Altogether, there were 31 entries of which 25 were running for our Tom Cole Trophy although unfortunately, on the day, neither Alex Quattlebaum (LECo2) or Ruediger Friedrichs (Jaguar C type) made an appearance. There were a number of newcomers to the FISCAR ranks; Dougal Cawley in his Lotus Elite, Thomas Ward in his Frazer Nash LMR and Nick Burnside with his MGA Twin Cam which he was sharing with Mark Daniel. I think this maybe the first time a Twin Cam version had raced with us. David Graus had entered his rare Frazer Nash Targa Florio but the helmet gave it away - it was clearly Martin Stretton driving! It was also pleasing to see that Matthew Collins had entered his Austin Healey which we had not seen for 12 months and a most welcome return was the similarly mounted Robert Clarke, both cars prepared by our former hospitality sponsor Woolmer Classics and it was good to catch up with Paul. A full team of Morgan Plus 4s was also a rare event, even more so when two of them were early Flat Radiator versions.
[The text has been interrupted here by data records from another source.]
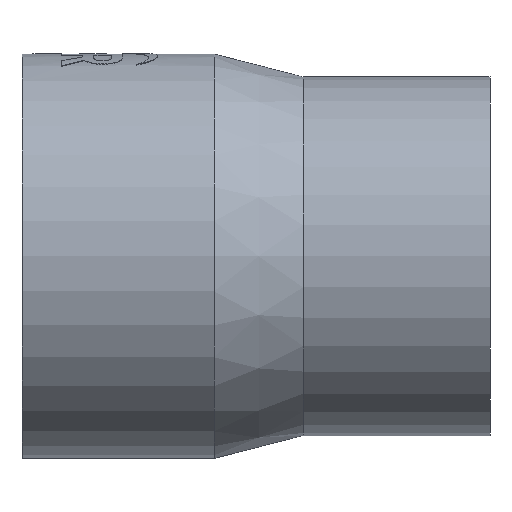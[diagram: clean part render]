
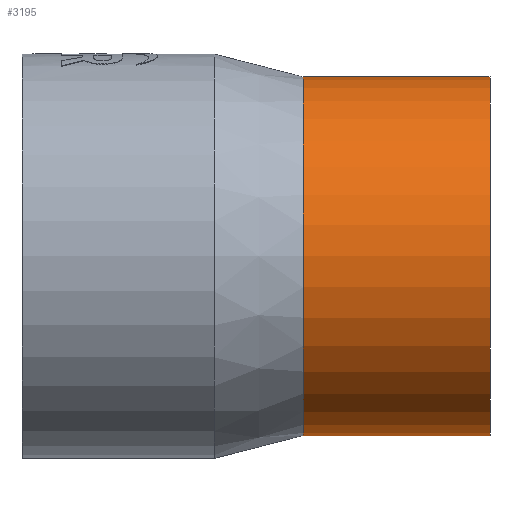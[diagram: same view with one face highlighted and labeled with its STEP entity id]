
A CAD part, front view. The second image highlights one B-rep face of the part: STEP entity #3195.
In plain terms, the highlighted cylindrical face has radius 177.5 mm (diameter 355 mm), a partial arc.
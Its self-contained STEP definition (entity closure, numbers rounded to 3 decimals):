
#178 = CIRCLE ( 'NONE', #3673, 177.5 ) ;
#253 = ORIENTED_EDGE ( 'NONE', *, *, #3106, .F. ) ;
#362 = EDGE_CURVE ( 'NONE', #2653, #3091, #3686, .T. ) ;
#516 = CARTESIAN_POINT ( 'NONE',  ( 463., 0., 177.5 ) ) ;
#600 = EDGE_LOOP ( 'NONE', ( #676, #1112, #2423, #253 ) ) ;
#676 = ORIENTED_EDGE ( 'NONE', *, *, #1645, .F. ) ;
#703 = CARTESIAN_POINT ( 'NONE',  ( -0.3, 0., -177.5 ) ) ;
#711 = CARTESIAN_POINT ( 'NONE',  ( 278., 0., -177.5 ) ) ;
#1112 = ORIENTED_EDGE ( 'NONE', *, *, #3123, .T. ) ;
#1152 = VERTEX_POINT ( 'NONE', #1509 ) ;
#1300 = DIRECTION ( 'NONE',  ( 0., 0., 1. ) ) ;
#1365 = CIRCLE ( 'NONE', #2732, 177.5 ) ;
#1456 = DIRECTION ( 'NONE',  ( -1., 0., 0. ) ) ;
#1489 = CARTESIAN_POINT ( 'NONE',  ( -0.3, 0., 0. ) ) ;
#1509 = CARTESIAN_POINT ( 'NONE',  ( 463., 0., -177.5 ) ) ;
#1645 = EDGE_CURVE ( 'NONE', #1152, #2583, #1956, .T. ) ;
#1767 = VECTOR ( 'NONE', #3190, 1000. ) ;
#1956 = LINE ( 'NONE', #703, #1767 ) ;
#2323 = DIRECTION ( 'NONE',  ( 0., 0., 1. ) ) ;
#2332 = DIRECTION ( 'NONE',  ( -1., 0., 0. ) ) ;
#2347 = CARTESIAN_POINT ( 'NONE',  ( 463., 0., 0. ) ) ;
#2423 = ORIENTED_EDGE ( 'NONE', *, *, #362, .T. ) ;
#2438 = CYLINDRICAL_SURFACE ( 'NONE', #3740, 177.5 ) ;
#2527 = VECTOR ( 'NONE', #2913, 1000. ) ;
#2579 = DIRECTION ( 'NONE',  ( 0., 0., 1. ) ) ;
#2583 = VERTEX_POINT ( 'NONE', #711 ) ;
#2587 = DIRECTION ( 'NONE',  ( -1., 0., 0. ) ) ;
#2594 = CARTESIAN_POINT ( 'NONE',  ( 278., 0., 0. ) ) ;
#2653 = VERTEX_POINT ( 'NONE', #516 ) ;
#2732 = AXIS2_PLACEMENT_3D ( 'NONE', #2347, #2332, #2323 ) ;
#2778 = CARTESIAN_POINT ( 'NONE',  ( -0.3, 0., 177.5 ) ) ;
#2874 = FACE_OUTER_BOUND ( 'NONE', #600, .T. ) ;
#2913 = DIRECTION ( 'NONE',  ( -1., 0., 0. ) ) ;
#3091 = VERTEX_POINT ( 'NONE', #3478 ) ;
#3106 = EDGE_CURVE ( 'NONE', #2583, #3091, #178, .T. ) ;
#3123 = EDGE_CURVE ( 'NONE', #1152, #2653, #1365, .T. ) ;
#3190 = DIRECTION ( 'NONE',  ( -1., 0., 0. ) ) ;
#3195 = ADVANCED_FACE ( 'NONE', ( #2874 ), #2438, .T. ) ;
#3478 = CARTESIAN_POINT ( 'NONE',  ( 278., 0., 177.5 ) ) ;
#3673 = AXIS2_PLACEMENT_3D ( 'NONE', #2594, #2587, #2579 ) ;
#3686 = LINE ( 'NONE', #2778, #2527 ) ;
#3740 = AXIS2_PLACEMENT_3D ( 'NONE', #1489, #1456, #1300 ) ;

It was no surprise to see the VSCC Hawthorn International Trophy cars head the qualifying times, Philip Walker taking pole in 1.07.67 and Bernado Hartogs alongside in 1.08.75, both in Lotus 15s but Martin Hunt grabbing 3rd with a 1.09.48 in the HWM was a surprise as was the 1.09.96 of Christopher Keen in the Kurtis 500S in 5th, thus both breaking my own, but unstated, 1.10 barrier for Tom Cole cars. Both former winners of this race, they have found a bit more pace this year. They were split by the splendid Farrallac of Tony Bianchi and ahead of the Lotus 15 of Richard Wilson and the Cooper Monaco of Andrew Smith who was clearly out of position as he went much quicker in the race, for a while, at least!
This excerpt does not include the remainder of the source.